The perfect open-source task scheduler
We have ever more regular tasks that need to be run on our servers in a reliable and resilient way, but resilience is harder to achieve than reliability.
I can schedule scripts on our Unix system using cron, and on our Windows systems via Task Scheduler, but neither of these are resilient – if the machine running those cron tasks crashes, my tasks won’t get executed.
The failed machine may come back online reasonably fast – and were I running an enhanced cron such as “anacron” it might catch up on the jobs it missed – but a task scheduled to run every hour probably wouldn’t get done on time, and performing a catch-up might make matters worse. What I need is some kind of failover so that if one machine fails, another will run its tasks on time.
We’ve implemented such a system for a client on a pair of Linux machines, by using heartbeat and the Disaster Recovery Block Device (DRBD). This client runs two sets of services out of these two machines, one set running on each machine under normal conditions.
Should one machine get taken out of service, its services will fail over onto the other. We use heartbeat to enable each machine to monitor the other, so that in case of failure it can take over its services. Part of this service switch involves a simple cluster file system implemented using the DRBD.
We use heartbeat to enable each machine to monitor the other, so that in case of failure it can take over its services. Part of this service switch involves a simple cluster file system implemented using the DRBD
Under normal operation each machine reads and writes its own copy of each service’s files, and DRBD copies those changes to the other machine, so that if a failover occurs the failed-over services will have access to up-to-date copies of their files (normally each machine sees only the files for its own services and can’t see files on the other machine).

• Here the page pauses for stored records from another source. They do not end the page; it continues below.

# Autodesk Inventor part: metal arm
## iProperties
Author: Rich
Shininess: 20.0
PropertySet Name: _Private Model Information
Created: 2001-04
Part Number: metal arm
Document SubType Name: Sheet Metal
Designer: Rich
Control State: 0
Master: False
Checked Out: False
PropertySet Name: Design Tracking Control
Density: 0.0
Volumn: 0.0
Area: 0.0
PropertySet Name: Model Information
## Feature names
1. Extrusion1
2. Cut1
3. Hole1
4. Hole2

This combination of heartbeat and DRBD works well for services such as web serving (the primary application), but there was also a need to have various regular tasks failover from one machine to another. We implemented this by putting the same crontab onto each machine, so that each knows what tasks it might have to run in the event of failover and has their scripts in its file system.
Then we prefix each task with a script that checks whether the service task is present: since each machine normally sees only the files for its own services, the other’s task files will only be visible if a failover is in progress. This rather complex schema enables us to implement a form of resilient cron, but it isn’t without its problems.
First of all, the system is complicated, and second of all it isn’t human-proof: when a new task is required you must remember to add it to both machines. Third, there are all sorts of boundary conditions relating to what happens to tasks that are running when a failure occurs, or worse still when a failure occurs and the services “fail back” in the middle of a scheduled task.
Finally, it isn’t scalable – it can fail services from one node to another, but for a large server farm of identical machines with potential multiple failures it wouldn’t work.
This last point is where you see the real problem with a cron-based solution. Cron and Task Scheduler were only designed to run regular housekeeping tasks on a single machine, but when you’re providing a service from a collection of machines then every single machine is a single point of failure.